== RECORD EXTRACTS ==
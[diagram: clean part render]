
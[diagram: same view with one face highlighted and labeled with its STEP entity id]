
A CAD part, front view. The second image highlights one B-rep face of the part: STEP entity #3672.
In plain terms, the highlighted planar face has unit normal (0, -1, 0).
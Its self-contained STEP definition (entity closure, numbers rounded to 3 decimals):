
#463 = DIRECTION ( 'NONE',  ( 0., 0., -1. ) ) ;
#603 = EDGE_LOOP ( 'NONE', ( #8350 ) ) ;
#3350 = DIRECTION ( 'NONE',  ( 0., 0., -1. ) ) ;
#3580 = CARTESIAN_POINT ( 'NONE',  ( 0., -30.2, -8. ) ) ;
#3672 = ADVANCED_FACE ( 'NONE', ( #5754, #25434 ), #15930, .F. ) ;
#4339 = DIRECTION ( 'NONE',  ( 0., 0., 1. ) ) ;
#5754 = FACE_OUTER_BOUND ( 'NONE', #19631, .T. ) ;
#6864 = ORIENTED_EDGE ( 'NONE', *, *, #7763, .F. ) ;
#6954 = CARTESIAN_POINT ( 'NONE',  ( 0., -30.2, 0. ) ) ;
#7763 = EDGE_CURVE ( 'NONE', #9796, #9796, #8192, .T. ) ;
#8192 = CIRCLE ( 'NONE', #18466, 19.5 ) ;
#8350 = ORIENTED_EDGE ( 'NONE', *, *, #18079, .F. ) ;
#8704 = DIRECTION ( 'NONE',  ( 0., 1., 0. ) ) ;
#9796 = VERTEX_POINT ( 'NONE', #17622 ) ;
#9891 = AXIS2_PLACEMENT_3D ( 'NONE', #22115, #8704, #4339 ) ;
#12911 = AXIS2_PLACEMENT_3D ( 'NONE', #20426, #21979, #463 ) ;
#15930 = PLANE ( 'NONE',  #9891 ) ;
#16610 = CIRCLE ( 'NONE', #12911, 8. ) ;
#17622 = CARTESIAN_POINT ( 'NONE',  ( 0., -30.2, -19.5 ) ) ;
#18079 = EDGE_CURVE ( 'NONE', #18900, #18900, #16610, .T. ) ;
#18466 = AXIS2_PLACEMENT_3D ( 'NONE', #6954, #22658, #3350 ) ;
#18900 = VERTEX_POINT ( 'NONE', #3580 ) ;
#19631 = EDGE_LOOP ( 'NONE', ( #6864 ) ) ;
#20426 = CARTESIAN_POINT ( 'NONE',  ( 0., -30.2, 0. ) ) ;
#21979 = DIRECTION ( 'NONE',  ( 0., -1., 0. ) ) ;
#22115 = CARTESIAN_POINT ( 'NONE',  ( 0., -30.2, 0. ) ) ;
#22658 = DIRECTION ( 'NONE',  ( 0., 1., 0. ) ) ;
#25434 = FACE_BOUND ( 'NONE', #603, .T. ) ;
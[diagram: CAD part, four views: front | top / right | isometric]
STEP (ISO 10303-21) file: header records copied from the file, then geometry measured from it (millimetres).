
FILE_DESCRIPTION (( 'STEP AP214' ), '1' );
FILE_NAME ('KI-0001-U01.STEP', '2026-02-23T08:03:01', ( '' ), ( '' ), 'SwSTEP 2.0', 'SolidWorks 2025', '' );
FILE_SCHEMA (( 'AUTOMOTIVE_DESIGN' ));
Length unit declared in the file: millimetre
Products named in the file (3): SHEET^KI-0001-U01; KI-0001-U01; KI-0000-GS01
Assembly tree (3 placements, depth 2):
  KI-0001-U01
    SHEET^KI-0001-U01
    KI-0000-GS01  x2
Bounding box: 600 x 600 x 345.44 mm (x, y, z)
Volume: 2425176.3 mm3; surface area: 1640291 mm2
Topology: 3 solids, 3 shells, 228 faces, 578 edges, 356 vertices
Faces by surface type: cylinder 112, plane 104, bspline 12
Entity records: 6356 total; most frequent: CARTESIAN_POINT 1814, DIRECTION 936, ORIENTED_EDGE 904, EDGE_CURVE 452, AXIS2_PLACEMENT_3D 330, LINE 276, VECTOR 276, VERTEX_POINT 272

== YOUR GOAL ==
Exactly what appears above must be set down again in full.

== EXERCISE RESULT ==
[diagram: clean part render]
[diagram: same view with one face highlighted and labeled with its STEP entity id]
A CAD part, front view. The second image highlights one B-rep face of the part: STEP entity #3672.
In plain terms, the highlighted planar face has unit normal (0, -1, 0).
Its self-contained STEP definition (entity closure, numbers rounded to 3 decimals):
#463 = DIRECTION ( 'NONE',  ( 0., 0., -1. ) ) ;
#603 = EDGE_LOOP ( 'NONE', ( #8350 ) ) ;
#3350 = DIRECTION ( 'NONE',  ( 0., 0., -1. ) ) ;
#3580 = CARTESIAN_POINT ( 'NONE',  ( 0., -30.2, -8. ) ) ;
#3672 = ADVANCED_FACE ( 'NONE', ( #5754, #25434 ), #15930, .F. ) ;
#4339 = DIRECTION ( 'NONE',  ( 0., 0., 1. ) ) ;
#5754 = FACE_OUTER_BOUND ( 'NONE', #19631, .T. ) ;
#6864 = ORIENTED_EDGE ( 'NONE', *, *, #7763, .F. ) ;
#6954 = CARTESIAN_POINT ( 'NONE',  ( 0., -30.2, 0. ) ) ;
#7763 = EDGE_CURVE ( 'NONE', #9796, #9796, #8192, .T. ) ;
#8192 = CIRCLE ( 'NONE', #18466, 19.5 ) ;
#8350 = ORIENTED_EDGE ( 'NONE', *, *, #18079, .F. ) ;
#8704 = DIRECTION ( 'NONE',  ( 0., 1., 0. ) ) ;
#9796 = VERTEX_POINT ( 'NONE', #17622 ) ;
#9891 = AXIS2_PLACEMENT_3D ( 'NONE', #22115, #8704, #4339 ) ;
#12911 = AXIS2_PLACEMENT_3D ( 'NONE', #20426, #21979, #463 ) ;
#15930 = PLANE ( 'NONE',  #9891 ) ;
#16610 = CIRCLE ( 'NONE', #12911, 8. ) ;
#17622 = CARTESIAN_POINT ( 'NONE',  ( 0., -30.2, -19.5 ) ) ;
#18079 = EDGE_CURVE ( 'NONE', #18900, #18900, #16610, .T. ) ;
#18466 = AXIS2_PLACEMENT_3D ( 'NONE', #6954, #22658, #3350 ) ;
#18900 = VERTEX_POINT ( 'NONE', #3580 ) ;
#19631 = EDGE_LOOP ( 'NONE', ( #6864 ) ) ;
#20426 = CARTESIAN_POINT ( 'NONE',  ( 0., -30.2, 0. ) ) ;
#21979 = DIRECTION ( 'NONE',  ( 0., -1., 0. ) ) ;
#22115 = CARTESIAN_POINT ( 'NONE',  ( 0., -30.2, 0. ) ) ;
#22658 = DIRECTION ( 'NONE',  ( 0., 1., 0. ) ) ;
#25434 = FACE_BOUND ( 'NONE', #603, .T. ) ;
[diagram: CAD part, four views: front | top / right | isometric]
STEP (ISO 10303-21) file: header records copied from the file, then geometry measured from it (millimetres).
FILE_DESCRIPTION (( 'STEP AP214' ), '1' );
FILE_NAME ('KI-0001-U01.STEP', '2026-02-23T08:03:01', ( '' ), ( '' ), 'SwSTEP 2.0', 'SolidWorks 2025', '' );
FILE_SCHEMA (( 'AUTOMOTIVE_DESIGN' ));
Length unit declared in the file: millimetre
Products named in the file (3): SHEET^KI-0001-U01; KI-0001-U01; KI-0000-GS01
Assembly tree (3 placements, depth 2):
  KI-0001-U01
    SHEET^KI-0001-U01
    KI-0000-GS01  x2
Bounding box: 600 x 600 x 345.44 mm (x, y, z)
Volume: 2425176.3 mm3; surface area: 1640291 mm2
Topology: 3 solids, 3 shells, 228 faces, 578 edges, 356 vertices
Faces by surface type: cylinder 112, plane 104, bspline 12
Entity records: 6356 total; most frequent: CARTESIAN_POINT 1814, DIRECTION 936, ORIENTED_EDGE 904, EDGE_CURVE 452, AXIS2_PLACEMENT_3D 330, LINE 276, VECTOR 276, VERTEX_POINT 272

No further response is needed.